# WHAT TO DO
Your reply should reproduce each line below exactly and carry none of the pictures.

(INFORMATION SHOWN Opens)

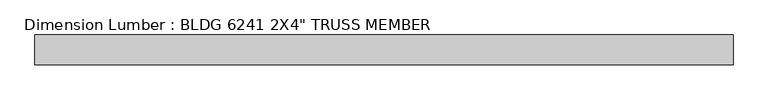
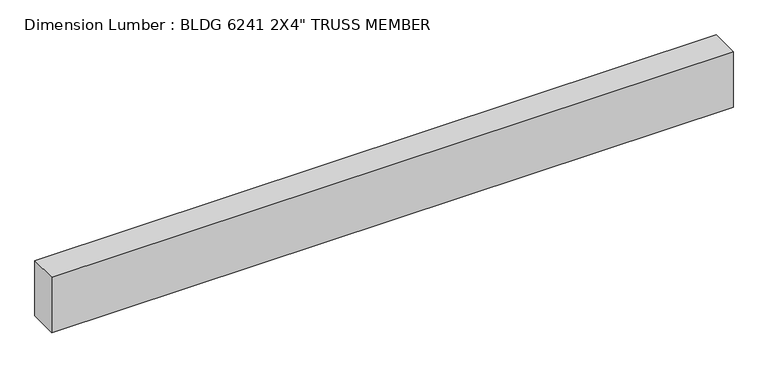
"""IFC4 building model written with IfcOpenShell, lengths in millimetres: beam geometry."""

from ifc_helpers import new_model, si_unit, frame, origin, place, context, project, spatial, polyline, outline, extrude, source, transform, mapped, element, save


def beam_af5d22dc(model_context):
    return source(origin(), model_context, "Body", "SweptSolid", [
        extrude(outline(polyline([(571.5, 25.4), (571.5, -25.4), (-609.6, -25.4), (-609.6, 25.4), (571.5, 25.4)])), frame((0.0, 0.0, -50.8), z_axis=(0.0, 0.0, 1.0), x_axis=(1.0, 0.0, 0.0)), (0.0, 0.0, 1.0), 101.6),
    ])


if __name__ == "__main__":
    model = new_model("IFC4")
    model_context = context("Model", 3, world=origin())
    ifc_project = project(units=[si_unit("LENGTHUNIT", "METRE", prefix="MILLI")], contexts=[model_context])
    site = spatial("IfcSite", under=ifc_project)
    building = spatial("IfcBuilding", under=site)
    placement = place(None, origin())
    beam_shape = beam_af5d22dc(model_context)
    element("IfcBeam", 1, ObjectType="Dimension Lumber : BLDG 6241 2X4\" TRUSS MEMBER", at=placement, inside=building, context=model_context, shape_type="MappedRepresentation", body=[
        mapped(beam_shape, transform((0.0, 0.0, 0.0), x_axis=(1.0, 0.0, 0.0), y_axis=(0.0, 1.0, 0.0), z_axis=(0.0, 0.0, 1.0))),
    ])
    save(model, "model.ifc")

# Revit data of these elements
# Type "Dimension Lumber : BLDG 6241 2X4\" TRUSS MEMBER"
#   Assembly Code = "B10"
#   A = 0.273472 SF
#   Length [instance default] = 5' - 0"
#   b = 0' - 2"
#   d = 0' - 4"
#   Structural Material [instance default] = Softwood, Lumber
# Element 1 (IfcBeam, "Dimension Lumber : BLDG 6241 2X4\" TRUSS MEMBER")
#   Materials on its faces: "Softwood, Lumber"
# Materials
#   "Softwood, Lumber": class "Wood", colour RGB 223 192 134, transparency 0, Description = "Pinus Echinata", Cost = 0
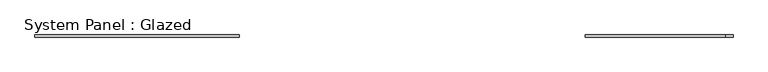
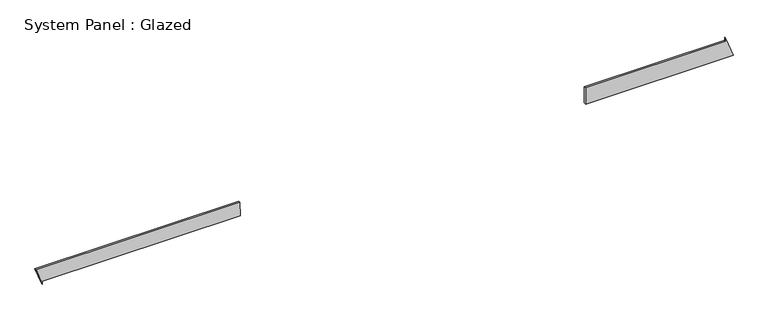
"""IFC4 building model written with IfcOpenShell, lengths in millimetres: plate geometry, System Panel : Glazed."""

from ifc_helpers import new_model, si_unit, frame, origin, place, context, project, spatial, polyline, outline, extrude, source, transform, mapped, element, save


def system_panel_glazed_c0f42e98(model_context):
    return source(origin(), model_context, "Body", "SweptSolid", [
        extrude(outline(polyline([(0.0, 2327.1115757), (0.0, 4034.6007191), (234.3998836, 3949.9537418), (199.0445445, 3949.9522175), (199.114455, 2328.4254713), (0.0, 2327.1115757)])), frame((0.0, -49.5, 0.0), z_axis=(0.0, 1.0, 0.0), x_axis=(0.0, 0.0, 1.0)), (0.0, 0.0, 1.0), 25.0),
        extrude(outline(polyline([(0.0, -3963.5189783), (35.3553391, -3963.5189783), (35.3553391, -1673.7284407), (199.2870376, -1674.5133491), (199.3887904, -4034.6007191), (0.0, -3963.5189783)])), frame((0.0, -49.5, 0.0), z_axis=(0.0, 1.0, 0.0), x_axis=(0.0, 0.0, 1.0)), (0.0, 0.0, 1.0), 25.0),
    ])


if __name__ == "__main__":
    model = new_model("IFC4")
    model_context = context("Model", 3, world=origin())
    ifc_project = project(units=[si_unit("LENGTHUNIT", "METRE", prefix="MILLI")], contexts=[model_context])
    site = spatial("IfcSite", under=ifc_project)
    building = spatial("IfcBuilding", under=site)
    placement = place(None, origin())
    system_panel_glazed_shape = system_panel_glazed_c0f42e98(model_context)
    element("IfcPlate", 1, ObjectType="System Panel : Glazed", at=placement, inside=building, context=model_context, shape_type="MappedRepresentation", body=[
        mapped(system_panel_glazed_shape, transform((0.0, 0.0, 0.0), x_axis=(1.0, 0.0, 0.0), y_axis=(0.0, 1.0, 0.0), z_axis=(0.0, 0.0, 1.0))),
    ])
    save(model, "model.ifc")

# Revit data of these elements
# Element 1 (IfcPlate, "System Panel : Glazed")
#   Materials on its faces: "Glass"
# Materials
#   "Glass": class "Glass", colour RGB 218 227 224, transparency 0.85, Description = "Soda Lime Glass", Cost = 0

(INFORMATION SHOWN Closes)

# SOLUTION
"""IFC4 building model written with IfcOpenShell, lengths in millimetres: beam geometry."""

from ifc_helpers import new_model, si_unit, frame, origin, place, context, project, spatial, polyline, outline, extrude, source, transform, mapped, element, save


def beam_af5d22dc(model_context):
    return source(origin(), model_context, "Body", "SweptSolid", [
        extrude(outline(polyline([(571.5, 25.4), (571.5, -25.4), (-609.6, -25.4), (-609.6, 25.4), (571.5, 25.4)])), frame((0.0, 0.0, -50.8), z_axis=(0.0, 0.0, 1.0), x_axis=(1.0, 0.0, 0.0)), (0.0, 0.0, 1.0), 101.6),
    ])


if __name__ == "__main__":
    model = new_model("IFC4")
    model_context = context("Model", 3, world=origin())
    ifc_project = project(units=[si_unit("LENGTHUNIT", "METRE", prefix="MILLI")], contexts=[model_context])
    site = spatial("IfcSite", under=ifc_project)
    building = spatial("IfcBuilding", under=site)
    placement = place(None, origin())
    beam_shape = beam_af5d22dc(model_context)
    element("IfcBeam", 1, ObjectType="Dimension Lumber : BLDG 6241 2X4\" TRUSS MEMBER", at=placement, inside=building, context=model_context, shape_type="MappedRepresentation", body=[
        mapped(beam_shape, transform((0.0, 0.0, 0.0), x_axis=(1.0, 0.0, 0.0), y_axis=(0.0, 1.0, 0.0), z_axis=(0.0, 0.0, 1.0))),
    ])
    save(model, "model.ifc")

# Revit data of these elements
# Type "Dimension Lumber : BLDG 6241 2X4\" TRUSS MEMBER"
#   Assembly Code = "B10"
#   A = 0.273472 SF
#   Length [instance default] = 5' - 0"
#   b = 0' - 2"
#   d = 0' - 4"
#   Structural Material [instance default] = Softwood, Lumber
# Element 1 (IfcBeam, "Dimension Lumber : BLDG 6241 2X4\" TRUSS MEMBER")
#   Materials on its faces: "Softwood, Lumber"
# Materials
#   "Softwood, Lumber": class "Wood", colour RGB 223 192 134, transparency 0, Description = "Pinus Echinata", Cost = 0
"""IFC4 building model written with IfcOpenShell, lengths in millimetres: plate geometry, System Panel : Glazed."""

from ifc_helpers import new_model, si_unit, frame, origin, place, context, project, spatial, polyline, outline, extrude, source, transform, mapped, element, save


def system_panel_glazed_c0f42e98(model_context):
    return source(origin(), model_context, "Body", "SweptSolid", [
        extrude(outline(polyline([(0.0, 2327.1115757), (0.0, 4034.6007191), (234.3998836, 3949.9537418), (199.0445445, 3949.9522175), (199.114455, 2328.4254713), (0.0, 2327.1115757)])), frame((0.0, -49.5, 0.0), z_axis=(0.0, 1.0, 0.0), x_axis=(0.0, 0.0, 1.0)), (0.0, 0.0, 1.0), 25.0),
        extrude(outline(polyline([(0.0, -3963.5189783), (35.3553391, -3963.5189783), (35.3553391, -1673.7284407), (199.2870376, -1674.5133491), (199.3887904, -4034.6007191), (0.0, -3963.5189783)])), frame((0.0, -49.5, 0.0), z_axis=(0.0, 1.0, 0.0), x_axis=(0.0, 0.0, 1.0)), (0.0, 0.0, 1.0), 25.0),
    ])


if __name__ == "__main__":
    model = new_model("IFC4")
    model_context = context("Model", 3, world=origin())
    ifc_project = project(units=[si_unit("LENGTHUNIT", "METRE", prefix="MILLI")], contexts=[model_context])
    site = spatial("IfcSite", under=ifc_project)
    building = spatial("IfcBuilding", under=site)
    placement = place(None, origin())
    system_panel_glazed_shape = system_panel_glazed_c0f42e98(model_context)
    element("IfcPlate", 1, ObjectType="System Panel : Glazed", at=placement, inside=building, context=model_context, shape_type="MappedRepresentation", body=[
        mapped(system_panel_glazed_shape, transform((0.0, 0.0, 0.0), x_axis=(1.0, 0.0, 0.0), y_axis=(0.0, 1.0, 0.0), z_axis=(0.0, 0.0, 1.0))),
    ])
    save(model, "model.ifc")

# Revit data of these elements
# Element 1 (IfcPlate, "System Panel : Glazed")
#   Materials on its faces: "Glass"
# Materials
#   "Glass": class "Glass", colour RGB 218 227 224, transparency 0.85, Description = "Soda Lime Glass", Cost = 0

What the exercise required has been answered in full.